利緒は途端に顔を赤く染め、うつむきながらもじもじ答えた。
「その、えと、手紙…読んでくださいましたか?できれば、
返事が聞きたいんですっ!」
「ゴメンね。」
真央はためらう事なく、率直に返事をした。もちろん利緒の方はと言うと、
かなり面食らってただ、ただ、呆然と立ちすくんでいた。
やっとの事で我に返った利緒は一斉のもう攻撃にでた。
「…何でですか?好きな人がいるとか、僕の事が嫌いだからとか、
何でもいいから理由を聞かせてくれませんか?そんなにあっさりしてたら僕も、
はいそうですか。なんて…引き下がれませんっ!」
「…そうだよね。
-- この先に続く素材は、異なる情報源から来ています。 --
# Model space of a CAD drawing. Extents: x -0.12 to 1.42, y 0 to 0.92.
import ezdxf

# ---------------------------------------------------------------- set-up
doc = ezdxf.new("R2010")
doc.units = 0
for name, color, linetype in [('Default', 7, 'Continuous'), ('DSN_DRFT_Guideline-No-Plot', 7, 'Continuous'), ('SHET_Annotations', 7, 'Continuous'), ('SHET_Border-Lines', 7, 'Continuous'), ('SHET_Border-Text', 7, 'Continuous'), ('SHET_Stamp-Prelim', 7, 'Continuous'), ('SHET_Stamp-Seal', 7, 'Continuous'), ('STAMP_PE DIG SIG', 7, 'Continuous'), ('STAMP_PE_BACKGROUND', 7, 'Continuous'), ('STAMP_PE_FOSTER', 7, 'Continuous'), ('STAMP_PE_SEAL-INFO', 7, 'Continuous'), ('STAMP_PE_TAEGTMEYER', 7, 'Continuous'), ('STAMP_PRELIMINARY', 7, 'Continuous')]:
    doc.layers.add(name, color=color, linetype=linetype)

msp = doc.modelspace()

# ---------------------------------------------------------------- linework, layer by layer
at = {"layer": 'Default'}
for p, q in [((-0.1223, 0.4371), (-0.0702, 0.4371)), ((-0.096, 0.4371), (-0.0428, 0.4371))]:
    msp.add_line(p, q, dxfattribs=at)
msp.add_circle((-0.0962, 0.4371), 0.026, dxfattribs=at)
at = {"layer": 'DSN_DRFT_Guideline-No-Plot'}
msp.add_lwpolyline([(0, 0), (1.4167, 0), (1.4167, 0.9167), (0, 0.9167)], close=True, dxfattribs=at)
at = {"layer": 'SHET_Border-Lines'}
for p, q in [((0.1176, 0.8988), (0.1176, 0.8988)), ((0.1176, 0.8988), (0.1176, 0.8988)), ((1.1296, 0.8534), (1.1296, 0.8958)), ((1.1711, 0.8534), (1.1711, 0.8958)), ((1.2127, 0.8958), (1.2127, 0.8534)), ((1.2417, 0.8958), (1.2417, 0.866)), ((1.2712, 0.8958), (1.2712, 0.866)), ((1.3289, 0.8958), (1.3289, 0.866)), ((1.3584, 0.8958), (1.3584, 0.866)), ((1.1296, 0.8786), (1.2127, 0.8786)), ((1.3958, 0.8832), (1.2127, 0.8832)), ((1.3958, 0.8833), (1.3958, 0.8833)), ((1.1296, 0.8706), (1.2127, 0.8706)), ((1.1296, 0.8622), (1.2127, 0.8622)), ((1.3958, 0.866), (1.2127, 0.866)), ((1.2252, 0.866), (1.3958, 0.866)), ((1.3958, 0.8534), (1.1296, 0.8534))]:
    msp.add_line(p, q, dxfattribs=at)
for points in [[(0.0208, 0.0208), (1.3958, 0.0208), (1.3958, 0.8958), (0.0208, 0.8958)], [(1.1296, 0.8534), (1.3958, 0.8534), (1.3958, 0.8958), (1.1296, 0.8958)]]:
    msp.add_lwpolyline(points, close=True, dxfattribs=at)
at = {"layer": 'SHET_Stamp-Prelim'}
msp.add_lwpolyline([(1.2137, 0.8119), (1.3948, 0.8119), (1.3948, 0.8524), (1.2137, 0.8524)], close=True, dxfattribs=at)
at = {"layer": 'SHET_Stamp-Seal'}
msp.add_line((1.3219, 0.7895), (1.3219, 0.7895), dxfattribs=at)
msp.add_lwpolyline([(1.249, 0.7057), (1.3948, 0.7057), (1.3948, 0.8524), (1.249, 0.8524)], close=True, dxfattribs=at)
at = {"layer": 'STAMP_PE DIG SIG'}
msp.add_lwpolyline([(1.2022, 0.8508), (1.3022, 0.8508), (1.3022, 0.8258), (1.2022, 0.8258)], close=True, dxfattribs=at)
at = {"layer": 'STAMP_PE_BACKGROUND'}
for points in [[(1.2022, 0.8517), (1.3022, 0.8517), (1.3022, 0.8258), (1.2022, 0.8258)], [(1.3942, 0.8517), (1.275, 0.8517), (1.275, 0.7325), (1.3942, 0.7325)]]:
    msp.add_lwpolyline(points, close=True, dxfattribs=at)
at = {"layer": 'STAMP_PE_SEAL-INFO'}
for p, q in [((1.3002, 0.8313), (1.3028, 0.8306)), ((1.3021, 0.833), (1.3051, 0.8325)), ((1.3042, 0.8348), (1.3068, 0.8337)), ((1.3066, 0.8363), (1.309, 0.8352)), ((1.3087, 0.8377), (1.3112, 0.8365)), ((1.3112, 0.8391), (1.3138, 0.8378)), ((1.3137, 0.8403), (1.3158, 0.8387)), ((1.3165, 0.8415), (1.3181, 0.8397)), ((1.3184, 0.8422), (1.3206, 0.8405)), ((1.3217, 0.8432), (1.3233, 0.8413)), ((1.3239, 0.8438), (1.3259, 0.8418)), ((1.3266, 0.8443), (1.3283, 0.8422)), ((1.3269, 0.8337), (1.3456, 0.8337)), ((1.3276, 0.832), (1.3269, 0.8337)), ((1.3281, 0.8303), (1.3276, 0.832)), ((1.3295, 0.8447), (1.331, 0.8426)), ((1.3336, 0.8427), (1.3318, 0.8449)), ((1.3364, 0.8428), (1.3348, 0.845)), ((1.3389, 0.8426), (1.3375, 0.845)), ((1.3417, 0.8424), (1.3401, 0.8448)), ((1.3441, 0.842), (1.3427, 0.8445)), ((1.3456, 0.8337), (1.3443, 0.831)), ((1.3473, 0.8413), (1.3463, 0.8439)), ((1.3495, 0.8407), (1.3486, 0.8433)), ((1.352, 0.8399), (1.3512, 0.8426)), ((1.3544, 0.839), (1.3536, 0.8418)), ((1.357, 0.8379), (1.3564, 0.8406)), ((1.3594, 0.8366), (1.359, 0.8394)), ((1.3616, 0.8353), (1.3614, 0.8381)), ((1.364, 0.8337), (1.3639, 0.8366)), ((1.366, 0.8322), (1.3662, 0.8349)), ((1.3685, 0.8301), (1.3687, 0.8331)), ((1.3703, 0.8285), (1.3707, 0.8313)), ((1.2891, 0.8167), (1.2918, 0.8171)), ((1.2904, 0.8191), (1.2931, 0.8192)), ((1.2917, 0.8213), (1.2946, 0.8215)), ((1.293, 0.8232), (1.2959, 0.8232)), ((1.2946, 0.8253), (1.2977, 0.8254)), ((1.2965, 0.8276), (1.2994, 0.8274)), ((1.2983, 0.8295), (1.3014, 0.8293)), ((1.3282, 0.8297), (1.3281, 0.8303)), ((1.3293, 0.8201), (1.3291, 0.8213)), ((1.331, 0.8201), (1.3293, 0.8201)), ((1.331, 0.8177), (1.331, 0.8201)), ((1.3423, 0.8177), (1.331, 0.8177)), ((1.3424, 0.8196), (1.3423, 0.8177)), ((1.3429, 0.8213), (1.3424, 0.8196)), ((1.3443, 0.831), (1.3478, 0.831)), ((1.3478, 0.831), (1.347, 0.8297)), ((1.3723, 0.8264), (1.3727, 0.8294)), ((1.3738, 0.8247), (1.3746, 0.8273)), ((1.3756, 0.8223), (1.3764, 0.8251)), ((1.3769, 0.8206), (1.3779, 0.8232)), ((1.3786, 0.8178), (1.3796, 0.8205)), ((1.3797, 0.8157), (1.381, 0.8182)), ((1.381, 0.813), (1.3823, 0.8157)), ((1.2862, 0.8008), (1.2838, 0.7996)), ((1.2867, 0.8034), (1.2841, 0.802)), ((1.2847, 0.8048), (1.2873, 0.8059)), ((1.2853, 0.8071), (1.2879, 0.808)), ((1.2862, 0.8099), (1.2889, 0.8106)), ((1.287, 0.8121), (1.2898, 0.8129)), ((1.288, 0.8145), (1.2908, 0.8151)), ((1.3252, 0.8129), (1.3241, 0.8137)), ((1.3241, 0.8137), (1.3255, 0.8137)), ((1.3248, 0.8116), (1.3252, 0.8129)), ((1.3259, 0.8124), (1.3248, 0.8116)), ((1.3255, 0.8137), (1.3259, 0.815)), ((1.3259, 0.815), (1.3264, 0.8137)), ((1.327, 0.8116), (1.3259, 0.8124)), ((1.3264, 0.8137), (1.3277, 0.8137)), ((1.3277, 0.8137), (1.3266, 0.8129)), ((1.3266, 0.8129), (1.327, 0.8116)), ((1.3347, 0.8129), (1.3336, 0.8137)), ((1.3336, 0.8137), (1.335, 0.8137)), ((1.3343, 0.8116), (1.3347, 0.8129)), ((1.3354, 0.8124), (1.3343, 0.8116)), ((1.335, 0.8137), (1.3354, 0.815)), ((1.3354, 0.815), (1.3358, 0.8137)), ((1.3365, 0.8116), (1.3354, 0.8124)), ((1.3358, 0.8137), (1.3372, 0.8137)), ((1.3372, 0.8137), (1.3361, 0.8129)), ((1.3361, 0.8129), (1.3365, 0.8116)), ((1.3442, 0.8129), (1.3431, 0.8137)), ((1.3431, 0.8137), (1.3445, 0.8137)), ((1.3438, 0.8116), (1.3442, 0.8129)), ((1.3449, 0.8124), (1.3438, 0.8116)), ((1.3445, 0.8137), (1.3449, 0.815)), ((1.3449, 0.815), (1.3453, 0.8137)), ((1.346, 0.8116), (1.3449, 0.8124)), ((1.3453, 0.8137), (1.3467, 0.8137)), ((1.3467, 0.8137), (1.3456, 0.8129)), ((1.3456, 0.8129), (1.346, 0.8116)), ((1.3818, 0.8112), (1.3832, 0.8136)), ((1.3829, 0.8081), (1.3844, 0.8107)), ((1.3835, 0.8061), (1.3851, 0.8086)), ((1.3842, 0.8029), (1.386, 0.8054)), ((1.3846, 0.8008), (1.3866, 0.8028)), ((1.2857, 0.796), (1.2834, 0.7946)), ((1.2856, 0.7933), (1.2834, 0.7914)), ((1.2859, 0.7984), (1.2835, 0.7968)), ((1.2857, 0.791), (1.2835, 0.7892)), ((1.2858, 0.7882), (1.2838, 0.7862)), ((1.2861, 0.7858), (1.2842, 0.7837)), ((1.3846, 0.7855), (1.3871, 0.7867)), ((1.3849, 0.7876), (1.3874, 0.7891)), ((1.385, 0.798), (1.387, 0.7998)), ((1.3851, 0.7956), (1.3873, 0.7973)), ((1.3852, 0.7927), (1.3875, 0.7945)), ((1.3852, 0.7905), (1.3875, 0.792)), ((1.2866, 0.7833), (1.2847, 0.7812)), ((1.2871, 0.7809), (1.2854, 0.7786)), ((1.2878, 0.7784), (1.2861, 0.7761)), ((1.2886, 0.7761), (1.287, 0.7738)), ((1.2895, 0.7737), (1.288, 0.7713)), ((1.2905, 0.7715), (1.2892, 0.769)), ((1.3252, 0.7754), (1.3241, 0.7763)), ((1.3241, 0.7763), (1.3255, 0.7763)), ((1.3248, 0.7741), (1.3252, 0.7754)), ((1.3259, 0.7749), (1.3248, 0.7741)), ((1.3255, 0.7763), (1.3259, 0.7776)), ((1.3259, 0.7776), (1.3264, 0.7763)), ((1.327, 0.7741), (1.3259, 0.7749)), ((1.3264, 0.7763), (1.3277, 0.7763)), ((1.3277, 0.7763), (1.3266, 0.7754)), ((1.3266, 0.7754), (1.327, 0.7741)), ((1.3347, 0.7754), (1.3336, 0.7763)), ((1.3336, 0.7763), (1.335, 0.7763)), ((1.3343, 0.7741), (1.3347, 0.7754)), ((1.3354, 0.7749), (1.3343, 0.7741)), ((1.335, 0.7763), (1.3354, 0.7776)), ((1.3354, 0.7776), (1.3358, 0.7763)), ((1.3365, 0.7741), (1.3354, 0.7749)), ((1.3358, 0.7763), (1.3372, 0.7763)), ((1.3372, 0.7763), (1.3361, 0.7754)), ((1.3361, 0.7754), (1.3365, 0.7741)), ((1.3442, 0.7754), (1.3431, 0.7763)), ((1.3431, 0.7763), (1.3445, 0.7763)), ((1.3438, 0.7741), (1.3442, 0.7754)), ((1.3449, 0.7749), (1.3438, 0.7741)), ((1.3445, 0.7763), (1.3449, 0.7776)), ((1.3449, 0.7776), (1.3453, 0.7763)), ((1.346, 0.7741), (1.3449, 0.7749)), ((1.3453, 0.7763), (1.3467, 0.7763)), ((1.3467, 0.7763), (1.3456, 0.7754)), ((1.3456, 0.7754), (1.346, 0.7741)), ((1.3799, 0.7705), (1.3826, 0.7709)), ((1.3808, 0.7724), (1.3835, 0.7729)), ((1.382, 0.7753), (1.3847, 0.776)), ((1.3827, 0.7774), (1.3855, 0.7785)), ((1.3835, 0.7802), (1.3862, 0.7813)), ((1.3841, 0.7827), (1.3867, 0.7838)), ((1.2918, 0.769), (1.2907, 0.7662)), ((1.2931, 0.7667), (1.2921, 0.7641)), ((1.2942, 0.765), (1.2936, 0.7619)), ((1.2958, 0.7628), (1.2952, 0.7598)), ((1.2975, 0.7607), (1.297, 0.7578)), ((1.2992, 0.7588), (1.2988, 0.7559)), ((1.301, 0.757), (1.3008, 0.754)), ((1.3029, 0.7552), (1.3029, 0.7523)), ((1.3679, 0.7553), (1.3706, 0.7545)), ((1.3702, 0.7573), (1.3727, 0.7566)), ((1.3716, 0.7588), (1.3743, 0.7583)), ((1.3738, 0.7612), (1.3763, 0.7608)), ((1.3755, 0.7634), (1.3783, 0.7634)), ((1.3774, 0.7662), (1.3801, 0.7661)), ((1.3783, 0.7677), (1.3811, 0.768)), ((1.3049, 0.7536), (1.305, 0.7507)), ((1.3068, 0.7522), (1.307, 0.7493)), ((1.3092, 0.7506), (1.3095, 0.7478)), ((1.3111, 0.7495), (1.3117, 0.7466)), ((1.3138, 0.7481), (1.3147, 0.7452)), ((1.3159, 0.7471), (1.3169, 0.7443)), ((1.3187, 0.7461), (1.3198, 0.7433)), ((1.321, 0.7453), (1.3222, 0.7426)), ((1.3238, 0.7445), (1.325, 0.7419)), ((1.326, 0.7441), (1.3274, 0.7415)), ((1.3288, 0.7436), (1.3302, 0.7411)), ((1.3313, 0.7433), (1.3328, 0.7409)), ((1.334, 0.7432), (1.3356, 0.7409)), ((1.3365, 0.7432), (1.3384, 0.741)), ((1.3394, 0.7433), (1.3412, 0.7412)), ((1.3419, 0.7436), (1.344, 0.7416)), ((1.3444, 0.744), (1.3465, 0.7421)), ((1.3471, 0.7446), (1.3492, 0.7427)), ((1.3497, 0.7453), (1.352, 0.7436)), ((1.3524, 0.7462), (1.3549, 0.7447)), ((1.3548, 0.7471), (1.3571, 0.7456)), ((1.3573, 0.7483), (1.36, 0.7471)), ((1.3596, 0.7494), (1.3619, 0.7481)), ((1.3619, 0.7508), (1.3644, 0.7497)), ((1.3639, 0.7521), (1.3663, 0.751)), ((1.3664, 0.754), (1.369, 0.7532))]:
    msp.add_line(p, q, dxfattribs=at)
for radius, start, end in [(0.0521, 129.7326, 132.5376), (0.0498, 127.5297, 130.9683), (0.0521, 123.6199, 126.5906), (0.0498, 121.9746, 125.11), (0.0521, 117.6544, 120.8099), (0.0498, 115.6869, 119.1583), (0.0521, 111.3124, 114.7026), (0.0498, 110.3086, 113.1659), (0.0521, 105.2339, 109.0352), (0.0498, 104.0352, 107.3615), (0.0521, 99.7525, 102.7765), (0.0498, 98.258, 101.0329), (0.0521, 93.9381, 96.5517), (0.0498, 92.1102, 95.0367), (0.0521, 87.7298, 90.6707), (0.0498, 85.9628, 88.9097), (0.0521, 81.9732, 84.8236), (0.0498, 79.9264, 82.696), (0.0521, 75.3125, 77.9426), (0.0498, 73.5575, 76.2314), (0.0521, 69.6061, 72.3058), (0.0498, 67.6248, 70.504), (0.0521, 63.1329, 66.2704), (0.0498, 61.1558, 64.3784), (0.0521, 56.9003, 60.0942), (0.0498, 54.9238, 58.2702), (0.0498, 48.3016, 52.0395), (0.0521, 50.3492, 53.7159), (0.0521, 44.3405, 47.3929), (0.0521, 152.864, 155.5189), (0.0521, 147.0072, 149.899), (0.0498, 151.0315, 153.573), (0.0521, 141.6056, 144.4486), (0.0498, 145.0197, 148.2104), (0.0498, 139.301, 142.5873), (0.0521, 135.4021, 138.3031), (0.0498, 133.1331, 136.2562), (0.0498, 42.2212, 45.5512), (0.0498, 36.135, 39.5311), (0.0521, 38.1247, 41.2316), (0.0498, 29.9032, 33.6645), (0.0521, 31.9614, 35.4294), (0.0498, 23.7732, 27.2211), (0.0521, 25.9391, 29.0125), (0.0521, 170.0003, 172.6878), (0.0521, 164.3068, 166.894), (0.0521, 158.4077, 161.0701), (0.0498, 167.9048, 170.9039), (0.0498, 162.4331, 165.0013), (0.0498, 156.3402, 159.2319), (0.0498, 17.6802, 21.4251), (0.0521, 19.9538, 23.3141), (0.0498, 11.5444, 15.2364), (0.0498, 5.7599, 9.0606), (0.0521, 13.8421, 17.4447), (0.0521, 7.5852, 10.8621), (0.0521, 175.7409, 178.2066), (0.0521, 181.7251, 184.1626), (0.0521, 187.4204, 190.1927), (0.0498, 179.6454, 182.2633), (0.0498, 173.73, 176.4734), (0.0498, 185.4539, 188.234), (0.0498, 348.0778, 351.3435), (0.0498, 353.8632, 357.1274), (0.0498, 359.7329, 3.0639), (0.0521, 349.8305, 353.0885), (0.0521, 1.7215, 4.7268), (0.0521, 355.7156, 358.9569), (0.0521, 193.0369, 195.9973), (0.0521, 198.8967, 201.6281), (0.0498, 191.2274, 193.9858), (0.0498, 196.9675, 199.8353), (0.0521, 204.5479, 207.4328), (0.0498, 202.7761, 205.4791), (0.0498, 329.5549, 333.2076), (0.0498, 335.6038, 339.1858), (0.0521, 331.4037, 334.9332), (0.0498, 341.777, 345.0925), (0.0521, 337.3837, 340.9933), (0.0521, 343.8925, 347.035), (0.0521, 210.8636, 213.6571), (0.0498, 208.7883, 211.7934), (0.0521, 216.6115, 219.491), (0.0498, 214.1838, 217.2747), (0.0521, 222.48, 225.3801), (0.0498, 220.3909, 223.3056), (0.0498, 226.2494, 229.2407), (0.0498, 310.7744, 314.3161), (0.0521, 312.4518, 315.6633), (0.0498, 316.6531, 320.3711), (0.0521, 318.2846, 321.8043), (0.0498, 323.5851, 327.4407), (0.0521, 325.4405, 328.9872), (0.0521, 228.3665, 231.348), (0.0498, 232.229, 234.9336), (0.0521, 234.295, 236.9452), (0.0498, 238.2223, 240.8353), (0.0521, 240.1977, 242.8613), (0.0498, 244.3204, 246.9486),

嫌いじゃないんだよ。でもね…好きな人、いるんだ。
片思いだけど。」
真央は少し表情を曇らせて、力なく笑った。
「もういいでしょ。」とでもいいたそうな顔をしてから、じゃあ…と言って真央は
屋上の扉を再び開け、階段を降りようとしたその時、背後から利緒が叫んだ。
「…僕っ!あきらめません!!片思いなら、あきらめませんから!
本当に好きなんです!絶対っ、僕のこと振り向かせてみせますっ!」
利緒の視線は熱く、絶えず真央に注がれていた。
真央は足の動きを止め、クルリと振り向いた。
漆黒の長い髪が風にフワリと舞う。
「頑張って。」
真央は笑顔だった。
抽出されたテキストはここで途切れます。